▸ Work item: Go over the data below line by line, and state how many lines contain the string "CIRCLE". Give the number only.

▸ Task input:

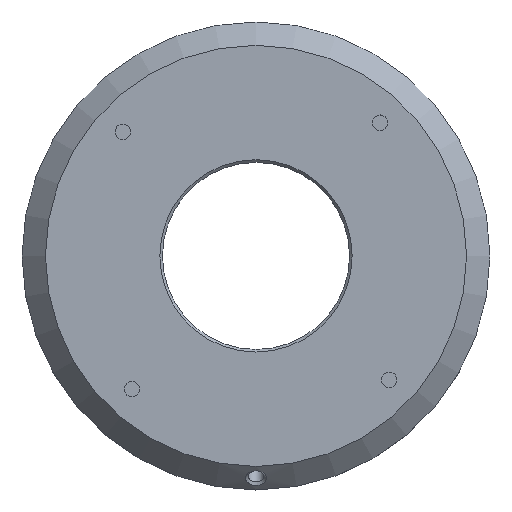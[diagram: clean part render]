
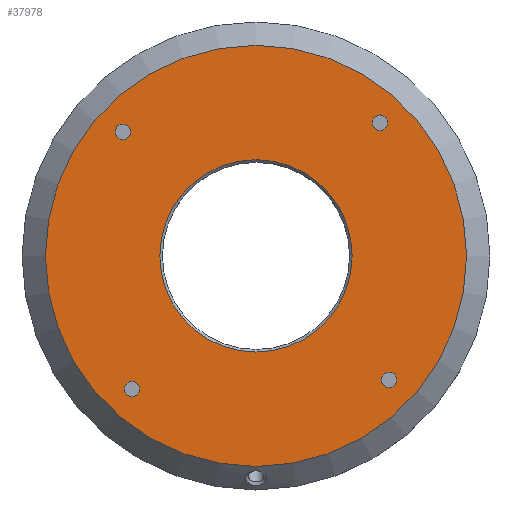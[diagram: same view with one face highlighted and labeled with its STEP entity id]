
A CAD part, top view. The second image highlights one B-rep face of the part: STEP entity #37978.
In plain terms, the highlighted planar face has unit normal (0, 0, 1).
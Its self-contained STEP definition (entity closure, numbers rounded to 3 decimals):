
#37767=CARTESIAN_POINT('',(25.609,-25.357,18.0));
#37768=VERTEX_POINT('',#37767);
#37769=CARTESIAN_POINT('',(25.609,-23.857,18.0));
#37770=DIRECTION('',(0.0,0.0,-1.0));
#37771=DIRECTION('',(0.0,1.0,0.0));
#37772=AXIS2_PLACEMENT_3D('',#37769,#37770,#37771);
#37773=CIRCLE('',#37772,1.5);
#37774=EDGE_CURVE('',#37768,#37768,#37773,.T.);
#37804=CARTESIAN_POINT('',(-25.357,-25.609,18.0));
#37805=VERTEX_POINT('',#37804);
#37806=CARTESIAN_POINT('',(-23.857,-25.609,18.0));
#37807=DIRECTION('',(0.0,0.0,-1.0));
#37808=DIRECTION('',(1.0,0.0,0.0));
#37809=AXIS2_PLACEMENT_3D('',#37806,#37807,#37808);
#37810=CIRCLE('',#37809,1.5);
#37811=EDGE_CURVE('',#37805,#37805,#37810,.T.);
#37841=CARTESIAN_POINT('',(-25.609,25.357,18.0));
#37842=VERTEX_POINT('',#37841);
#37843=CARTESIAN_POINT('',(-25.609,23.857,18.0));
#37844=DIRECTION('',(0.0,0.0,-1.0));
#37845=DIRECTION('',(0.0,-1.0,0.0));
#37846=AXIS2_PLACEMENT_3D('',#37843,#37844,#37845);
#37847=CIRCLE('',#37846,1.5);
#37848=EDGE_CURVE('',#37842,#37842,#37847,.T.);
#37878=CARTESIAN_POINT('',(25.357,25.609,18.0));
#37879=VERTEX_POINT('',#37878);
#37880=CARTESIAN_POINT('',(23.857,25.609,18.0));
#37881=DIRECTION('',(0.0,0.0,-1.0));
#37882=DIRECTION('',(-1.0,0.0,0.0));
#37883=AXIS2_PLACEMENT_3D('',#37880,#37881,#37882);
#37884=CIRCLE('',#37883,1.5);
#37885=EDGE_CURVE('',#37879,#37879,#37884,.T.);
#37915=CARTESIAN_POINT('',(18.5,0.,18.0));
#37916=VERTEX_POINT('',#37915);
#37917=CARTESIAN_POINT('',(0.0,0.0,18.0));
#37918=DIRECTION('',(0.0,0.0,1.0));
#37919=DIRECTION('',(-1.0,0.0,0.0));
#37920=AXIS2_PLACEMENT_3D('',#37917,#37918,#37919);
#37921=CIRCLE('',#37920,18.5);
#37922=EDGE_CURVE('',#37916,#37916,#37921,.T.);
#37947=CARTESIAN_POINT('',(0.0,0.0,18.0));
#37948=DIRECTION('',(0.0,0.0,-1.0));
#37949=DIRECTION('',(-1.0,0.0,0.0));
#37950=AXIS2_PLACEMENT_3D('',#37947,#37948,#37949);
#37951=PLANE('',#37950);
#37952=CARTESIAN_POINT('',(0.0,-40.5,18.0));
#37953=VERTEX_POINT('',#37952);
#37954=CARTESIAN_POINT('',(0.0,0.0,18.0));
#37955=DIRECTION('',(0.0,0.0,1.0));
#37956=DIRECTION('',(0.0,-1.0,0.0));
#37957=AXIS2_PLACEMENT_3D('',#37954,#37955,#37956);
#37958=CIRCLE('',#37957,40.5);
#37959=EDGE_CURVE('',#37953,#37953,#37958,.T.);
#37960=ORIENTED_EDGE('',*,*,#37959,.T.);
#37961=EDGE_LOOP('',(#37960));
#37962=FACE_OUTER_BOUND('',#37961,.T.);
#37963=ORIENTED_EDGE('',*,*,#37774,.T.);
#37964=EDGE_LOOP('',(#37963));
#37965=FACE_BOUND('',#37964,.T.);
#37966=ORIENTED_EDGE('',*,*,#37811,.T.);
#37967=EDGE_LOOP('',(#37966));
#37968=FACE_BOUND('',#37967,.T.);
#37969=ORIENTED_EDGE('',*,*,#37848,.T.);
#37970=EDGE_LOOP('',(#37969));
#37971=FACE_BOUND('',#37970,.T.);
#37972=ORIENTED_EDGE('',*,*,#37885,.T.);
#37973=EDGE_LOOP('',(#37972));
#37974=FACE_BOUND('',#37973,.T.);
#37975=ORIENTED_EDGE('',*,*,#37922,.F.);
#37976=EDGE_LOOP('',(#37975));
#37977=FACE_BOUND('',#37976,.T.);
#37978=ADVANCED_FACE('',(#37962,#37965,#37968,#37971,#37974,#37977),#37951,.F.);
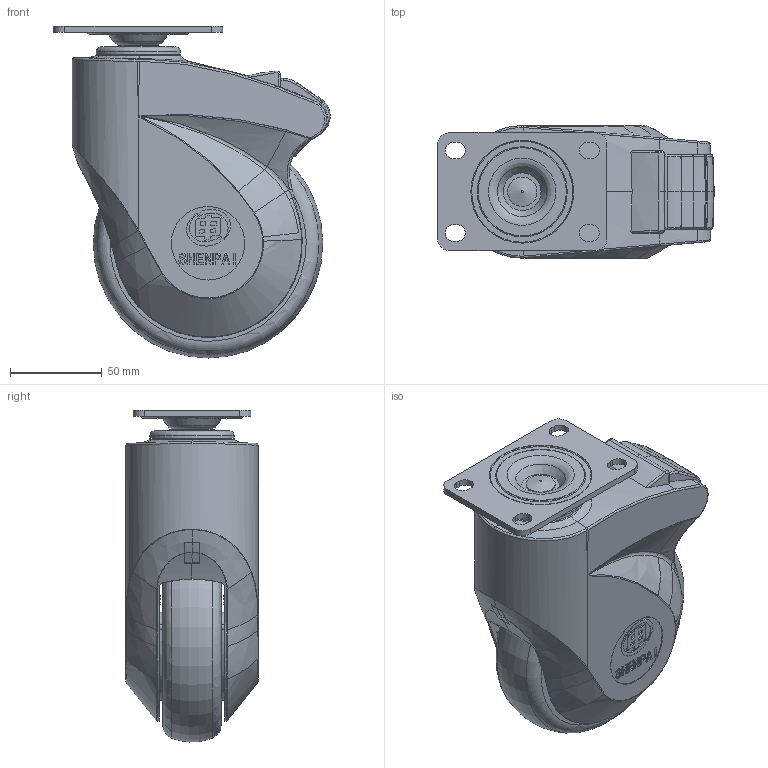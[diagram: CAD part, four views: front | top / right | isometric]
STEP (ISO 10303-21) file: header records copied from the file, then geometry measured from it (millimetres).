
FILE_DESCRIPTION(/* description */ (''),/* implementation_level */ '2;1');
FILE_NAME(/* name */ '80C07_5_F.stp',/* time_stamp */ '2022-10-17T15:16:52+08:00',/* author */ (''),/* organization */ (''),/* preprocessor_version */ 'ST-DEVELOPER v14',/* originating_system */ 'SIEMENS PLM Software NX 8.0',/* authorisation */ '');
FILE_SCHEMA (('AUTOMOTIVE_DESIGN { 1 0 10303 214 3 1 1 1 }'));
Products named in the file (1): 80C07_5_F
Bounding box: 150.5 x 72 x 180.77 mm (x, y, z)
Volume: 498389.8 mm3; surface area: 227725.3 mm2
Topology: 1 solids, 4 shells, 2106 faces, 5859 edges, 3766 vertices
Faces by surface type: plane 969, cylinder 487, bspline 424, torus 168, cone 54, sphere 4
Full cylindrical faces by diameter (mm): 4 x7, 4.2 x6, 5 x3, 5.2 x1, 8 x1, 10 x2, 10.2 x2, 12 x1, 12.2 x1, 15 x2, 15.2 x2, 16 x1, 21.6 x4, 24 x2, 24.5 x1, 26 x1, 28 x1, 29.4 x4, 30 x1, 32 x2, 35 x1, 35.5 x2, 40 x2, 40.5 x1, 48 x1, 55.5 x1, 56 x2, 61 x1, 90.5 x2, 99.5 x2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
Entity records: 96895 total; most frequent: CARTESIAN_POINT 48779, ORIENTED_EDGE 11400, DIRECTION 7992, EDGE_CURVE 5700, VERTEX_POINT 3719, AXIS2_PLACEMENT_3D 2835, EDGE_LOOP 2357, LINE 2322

▸ Your solution: 6